🤖 AI Summary
This paper addresses the multimodal memory-driven visual content retrospection question answering task, proposing the Pensieve framework to tackle the challenge of leveraging temporally and spatially structured multimodal memory for answering complex recall questions. Methodologically, it introduces a task-oriented memory construction mechanism, designs a time- and location-aware multi-signal retrieval module, and adopts an end-to-end question answering fine-tuning strategy that jointly conditions on multiple memory contexts. The core contribution lies in unifying the spatiotemporal structure and semantic associations of memory to enable cross-fragment reasoning.
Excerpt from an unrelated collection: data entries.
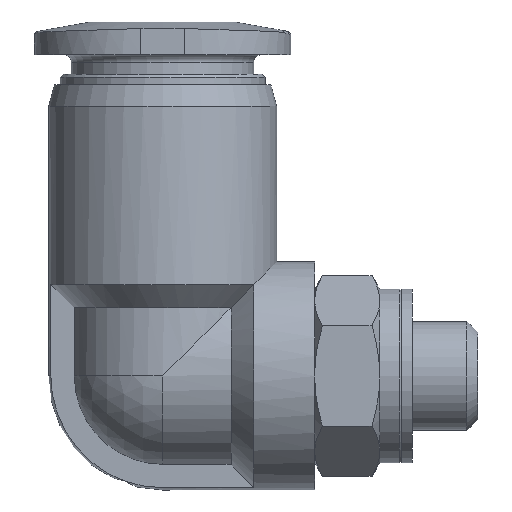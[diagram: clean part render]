
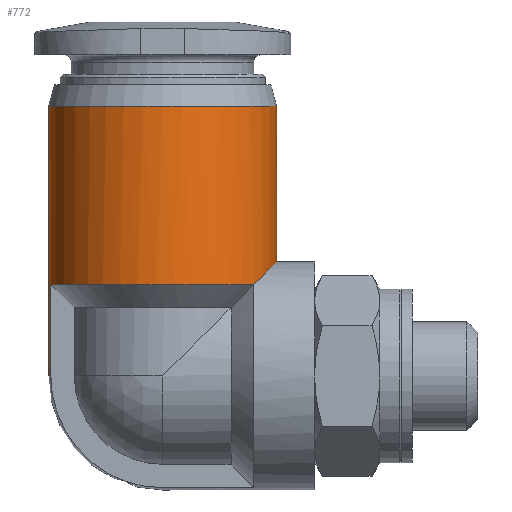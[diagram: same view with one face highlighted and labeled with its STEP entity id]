
A CAD part, front view. The second image highlights one B-rep face of the part: STEP entity #772.
In plain terms, the highlighted cylindrical face has radius 5.25 mm (diameter 10.5 mm), a partial arc.
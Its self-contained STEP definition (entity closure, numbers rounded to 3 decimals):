
#44 = DIRECTION ( 'NONE',  ( 0., 0., 1. ) ) ;
#68 = DIRECTION ( 'NONE',  ( 0., 0., 1. ) ) ;
#86 = DIRECTION ( 'NONE',  ( -1., 0., 0. ) ) ;
#175 = VERTEX_POINT ( 'NONE', #2197 ) ;
#201 = EDGE_LOOP ( 'NONE', ( #781, #981, #1886, #333, #1921, #1833, #2338 ) ) ;
#333 = ORIENTED_EDGE ( 'NONE', *, *, #1441, .T. ) ;
#430 = CARTESIAN_POINT ( 'NONE',  ( 0., 0., 0. ) ) ;
#523 = CARTESIAN_POINT ( 'NONE',  ( -5.25, 0., 12.42 ) ) ;
#530 = EDGE_CURVE ( 'NONE', #1619, #850, #1317, .T. ) ;
#551 = AXIS2_PLACEMENT_3D ( 'NONE', #1613, #1046, #1851 ) ;
#564 = AXIS2_PLACEMENT_3D ( 'NONE', #1355, #672, #942 ) ;
#583 = VERTEX_POINT ( 'NONE', #824 ) ;
#642 = CYLINDRICAL_SURFACE ( 'NONE', #564, 5.25 ) ;
#672 = DIRECTION ( 'NONE',  ( 0., 0., 1. ) ) ;
#674 = FACE_OUTER_BOUND ( 'NONE', #201, .T. ) ;
#746 = DIRECTION ( 'NONE',  ( 0., 0., 1. ) ) ;
#769 = VECTOR ( 'NONE', #773, 1000. ) ;
#772 = ADVANCED_FACE ( 'CYL_9', ( #674 ), #642, .T. ) ;
#773 = DIRECTION ( 'NONE',  ( 0., 0., -1. ) ) ;
#781 = ORIENTED_EDGE ( 'NONE', *, *, #1827, .F. ) ;
#784 = DIRECTION ( 'NONE',  ( 0., 0., 1. ) ) ;
#824 = CARTESIAN_POINT ( 'NONE',  ( 4.2, -3.15, 4.2 ) ) ;
#850 = VERTEX_POINT ( 'NONE', #1760 ) ;
#874 = EDGE_CURVE ( 'NONE', #1927, #2172, #1478, .T. ) ;
#942 = DIRECTION ( 'NONE',  ( 1., 0., 0. ) ) ;
#950 = CARTESIAN_POINT ( 'NONE',  ( 0., 0., 12.42 ) ) ;
#953 = LINE ( 'NONE', #1855, #1798 ) ;
#981 = ORIENTED_EDGE ( 'NONE', *, *, #1649, .T. ) ;
#1026 = EDGE_CURVE ( 'NONE', #583, #1549, #2322, .T. ) ;
#1046 = DIRECTION ( 'NONE',  ( 0., 0., 1. ) ) ;
#1156 = DIRECTION ( 'NONE',  ( 1., 0., 0. ) ) ;
#1194 = CARTESIAN_POINT ( 'NONE',  ( -5.144, -1.05, 4.2 ) ) ;
#1196 = CARTESIAN_POINT ( 'NONE',  ( 4.888, -2.233, 4.888 ) ) ;
#1273 = CARTESIAN_POINT ( 'NONE',  ( -5.25, 0., 0. ) ) ;
#1317 = CIRCLE ( 'NONE', #1680, 5.25 ) ;
#1325 = VECTOR ( 'NONE', #44, 1000. ) ;
#1346 = CIRCLE ( 'NONE', #551, 5.25 ) ;
#1355 = CARTESIAN_POINT ( 'NONE',  ( 0., 0., 0. ) ) ;
#1357 = CARTESIAN_POINT ( 'NONE',  ( 5.25, 0., 5.25 ) ) ;
#1441 = EDGE_CURVE ( 'NONE', #1927, #583, #1346, .T. ) ;
#1478 = LINE ( 'NONE', #1194, #769 ) ;
#1549 = VERTEX_POINT ( 'NONE', #2263 ) ;
#1613 = CARTESIAN_POINT ( 'NONE',  ( 0., 0., 4.2 ) ) ;
#1619 = VERTEX_POINT ( 'NONE', #523 ) ;
#1637 = CARTESIAN_POINT ( 'NONE',  ( -5.144, -1.05, 0. ) ) ;
#1649 = EDGE_CURVE ( 'NONE', #175, #2172, #1959, .T. ) ;
#1680 = AXIS2_PLACEMENT_3D ( 'NONE', #950, #746, #1156 ) ;
#1760 = CARTESIAN_POINT ( 'NONE',  ( 5.25, 0., 12.42 ) ) ;
#1798 = VECTOR ( 'NONE', #68, 1000. ) ;
#1813 = CARTESIAN_POINT ( 'NONE',  ( -5.144, -1.05, 4.2 ) ) ;
#1827 = EDGE_CURVE ( 'NONE', #175, #1619, #1863, .T. ) ;
#1833 = ORIENTED_EDGE ( 'NONE', *, *, #1858, .T. ) ;
#1851 = DIRECTION ( 'NONE',  ( 1., 0., 0. ) ) ;
#1855 = CARTESIAN_POINT ( 'NONE',  ( 5.25, 0., 0. ) ) ;
#1858 = EDGE_CURVE ( 'NONE', #1549, #850, #953, .T. ) ;
#1863 = LINE ( 'NONE', #1273, #1325 ) ;
#1886 = ORIENTED_EDGE ( 'NONE', *, *, #874, .F. ) ;
#1921 = ORIENTED_EDGE ( 'NONE', *, *, #1026, .T. ) ;
#1927 = VERTEX_POINT ( 'NONE', #1813 ) ;
#1959 = CIRCLE ( 'NONE', #2410, 5.25 ) ;
#2142 = CARTESIAN_POINT ( 'NONE',  ( 4.2, -3.15, 4.2 ) ) ;
#2172 = VERTEX_POINT ( 'NONE', #1637 ) ;
#2197 = CARTESIAN_POINT ( 'NONE',  ( -5.25, 0., 0. ) ) ;
#2263 = CARTESIAN_POINT ( 'NONE',  ( 5.25, 0., 5.25 ) ) ;
#2322 =( BOUNDED_CURVE ( )  B_SPLINE_CURVE ( 3, ( #2142, #1196, #2570, #1357 ),
 .UNSPECIFIED., .F., .F. ) 
 B_SPLINE_CURVE_WITH_KNOTS ( ( 4, 4 ),
 ( 2.498, 3.142 ),
 .UNSPECIFIED. ) 
 CURVE ( )  GEOMETRIC_REPRESENTATION_ITEM ( )  RATIONAL_B_SPLINE_CURVE ( ( 1., 0.966, 0.966, 1. ) ) 
 REPRESENTATION_ITEM ( '' )  );
#2338 = ORIENTED_EDGE ( 'NONE', *, *, #530, .F. ) ;
#2410 = AXIS2_PLACEMENT_3D ( 'NONE', #430, #784, #86 ) ;
#2570 = CARTESIAN_POINT ( 'NONE',  ( 5.25, -1.146, 5.25 ) ) ;

Evaluated on a newly constructed multimodal retrospection QA benchmark, Pensieve significantly outperforms existing methods, achieving up to a 14% absolute improvement in answer accuracy—demonstrating its effectiveness and generalizability for long-horizon, fine-grained visual recall in real-world scenarios.
📝 Abstract
We introduce Memory-QA, a novel real-world task that involves answering recall questions about visual content from previously stored multimodal memories. This task poses unique challenges, including the creation of task-oriented memories, the effective utilization of temporal and location information within memories, and the ability to draw upon multiple memories to answer a recall question. To address these challenges, we propose a comprehensive pipeline, Pensieve, integrating memory-specific augmentation, time- and location-aware multi-signal retrieval, and multi-memory QA fine-tuning. We created a multimodal benchmark to illustrate various real challenges in this task, and show the superior performance of Pensieve over state-of-the-art solutions (up to 14% on QA accuracy).